Israel National News sat down with Scott Phillips, Executive Director of Passages, at the IAC National Summit in Florida, to learn about his organization and how it is working to ensure the next generations of Evangelical Christians are supporters of Israel.

Passages was founded in 2016 to take Christian college students from the US to Israel to help them “discover the roots of their Christian faith” and to connect them with modern Israel.

“Many Christian groups who go over, they don’t connect with the people who live there today, the modern Jewish state. Mostly just go to Biblical sites,” Phillips says.

There is a delicacy to the issue of Christian groups visiting Israel. Do they feel people in Israel are deterred by the or fear they are missionaries with a hidden agenda?

He says that is not the case. They have always been welcomed.

“We’ve met nothing but welcoming arms for our students to come to Israel. One of our policies is this is an educational trip, this is not a missions trip. A trip for them to meet the people who live in Israel today, to build bridges of friendship between Jews and Christians. Between Israelis and Americans. And build bridges of friendship for the next generation of Christian leadership who will be in policy and politics, in business, in ministry, in the sciences.”

The program has taken over 8,000 students to Israel on scholarship trips over the last five years.

“The trip is just the beginning. It’s a means to the end. And the end is to have ongoing alumni engagement with these students,” he says. “So we have the Passages leaders network that students are able to join whenever they come back as alumni. We engage them for years go come. It’s a full program.”

They have 15 of their alumni at the IAC Summit.

“We take students to conferences like this all the time to help them learn more,” Phillips explains. “These students are from diverse Christian backgrounds here in the US.”

They are getting a look at the internal discussions of the Israeli American community by attending the conference.

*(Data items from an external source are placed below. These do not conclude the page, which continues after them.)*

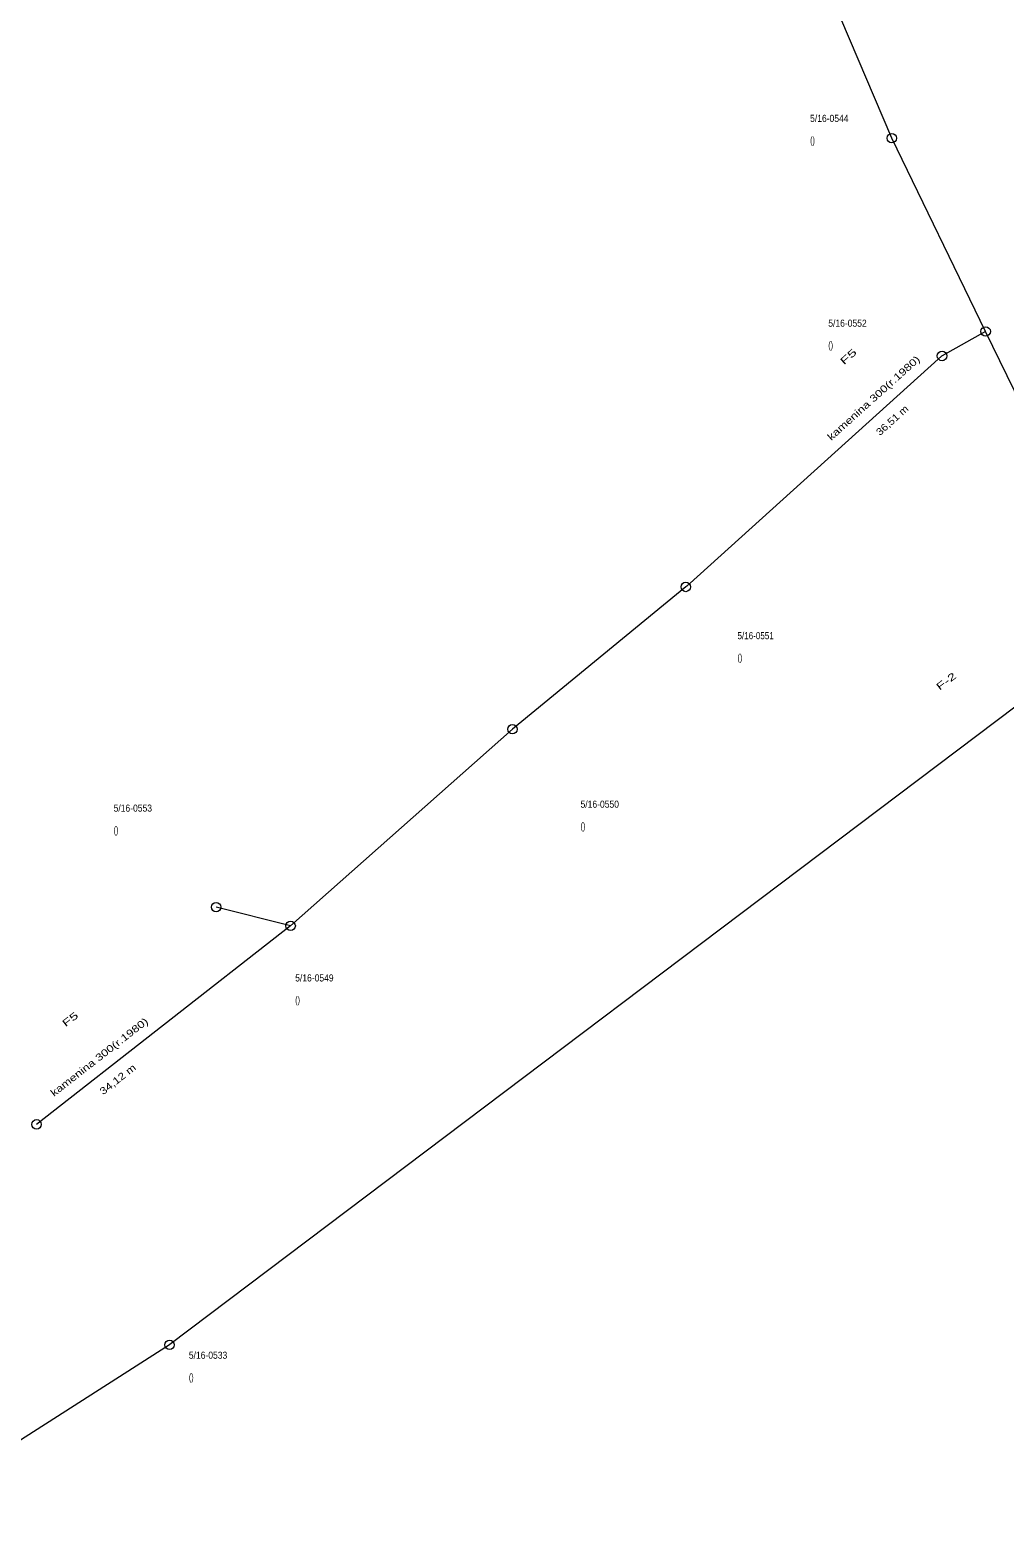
# Model space of a CAD drawing. Extents: x -710854 to -709799, y -1117012 to -1115891.
# Drawn here: x -710724.9 to -710621.7, y -1116883.1 to -1116723.5 of the extents above; entities that cross this region are included whole.
import ezdxf
from ezdxf.enums import TextEntityAlignment as Align

# ---------------------------------------------------------------- set-up
doc = ezdxf.new("R2010")
doc.units = 0
doc.header["$LTSCALE"] = 0.3
doc.layers.add('38', color=7, linetype='Continuous', lineweight=13)
doc.layers.add('44', color=7, linetype='Continuous', lineweight=13)
doc.layers.add('48', color=7, linetype='Continuous')

msp = doc.modelspace()

# ---------------------------------------------------------------- linework, layer by layer
at = {"layer": '38'}
for p, q in [((-710623.76, -1116755.36), (-710628.378, -1116757.956)), ((-710619.203, -1116764.754), (-710623.76, -1116755.36)), ((-710697.3, -1116818.28), (-710705.19, -1116816.29)), ((-710697.3, -1116818.28), (-710724.18, -1116839.29))]:
    msp.add_line(p, q, dxfattribs=at)
for points in [[(-710633.69, -1116734.899), (-710644.497, -1116709.517), (-710644.5, -1116709.51), (-710644.507, -1116709.488)], [(-710623.76, -1116755.36), (-710633.682, -1116734.917), (-710633.69, -1116734.899)], [(-710628.378, -1116757.956), (-710628.42, -1116757.98), (-710628.429, -1116757.989), (-710655.379, -1116782.309), (-710655.38, -1116782.31), (-710655.496, -1116782.405)], [(-710655.496, -1116782.405), (-710673.826, -1116797.458), (-710673.836, -1116797.467)], [(-710616.356, -1116791.882), (-710710.081, -1116862.611), (-710710.107, -1116862.63)], [(-710673.836, -1116797.467), (-710673.84, -1116797.47), (-710697.3, -1116818.28)], [(-710710.107, -1116862.63), (-710710.12, -1116862.64), (-710742.08, -1116883.06)]]:
    msp.add_lwpolyline(points, dxfattribs=at)
at = {"layer": '44'}
for centre in [(-710633.69, -1116734.899), (-710623.76, -1116755.36), (-710628.378, -1116757.956), (-710655.496, -1116782.405), (-710673.836, -1116797.467), (-710705.19, -1116816.29), (-710697.3, -1116818.28), (-710724.18, -1116839.29), (-710710.107, -1116862.63)]:
    msp.add_circle(centre, 0.5, dxfattribs=at)

# ---------------------------------------------------------------- texts
at = {"layer": '48'}
for s, width, p in [('5/16-0544', 0.9, (-710642.334, -1116733.177)), ('()', 0.7, (-710642.334, -1116735.487)), ('5/16-0552', 0.9, (-710640.413, -1116754.861)), ('()', 0.7, (-710640.413, -1116757.171)), ('5/16-0551', 0.85, (-710650.019, -1116787.936)), ('()', 0.7, (-710650.019, -1116790.246)), ('5/16-0553', 0.9, (-710716.032, -1116806.189)), ('5/16-0550', 0.9, (-710666.625, -1116805.777)), ('()', 0.7, (-710716.032, -1116808.499)), ('()', 0.7, (-710666.625, -1116808.087)), ('5/16-0549', 0.9, (-710696.818, -1116824.167)), ('()', 0.7, (-710696.818, -1116826.477)), ('5/16-0533', 0.9, (-710708.072, -1116864.104)), ('()', 0.7, (-710708.072, -1116866.414))]:
    msp.add_text(s, height=0.75, dxfattribs=dict(at, width=width)).set_placement(p)
for s, rotation, width, p in [('F5', 42.06, 1.65, (-710638.0347, -1116758.3048)), ('kamenina 300(r.1980)', 42.06, 1.3, (-710635.3622, -1116762.6824)), ('36,51 m', 42.06, 1.15, (-710633.3942, -1116765.042)), ('F-2', 37.04, 1.55, (-710627.7129, -1116792.6857)), ('F5', 38.01, 1.55, (-710720.3964, -1116828.4645)), ('kamenina 300(r.1980)', 38.01, 1.3, (-710717.3194, -1116832.4556)), ('34,12 m', 38.01, 1.25, (-710715.3619, -1116834.8217))]:
    msp.add_text(s, height=0.75, rotation=rotation, dxfattribs=dict(at, width=width)).set_placement(p, align=Align.CENTER)

doc.saveas('drawing.dxf')

It’s also another way to connect them to Israel and the American Jewish community.

“That kind of exposure helps to build the bridges of friendship between the two communities,” he adds.

But much more work needs to be done to ensure support from the christian community for Israel.

“We have to ensure that the next generation of the Christian community support Israel,” he says. “We see worrying trends happening right now. Evangelical support among the younger generation is decreasing significantly. We have a lot of work to be done. We want to be taking 10,000 students a year by 2026. That’s our goal.”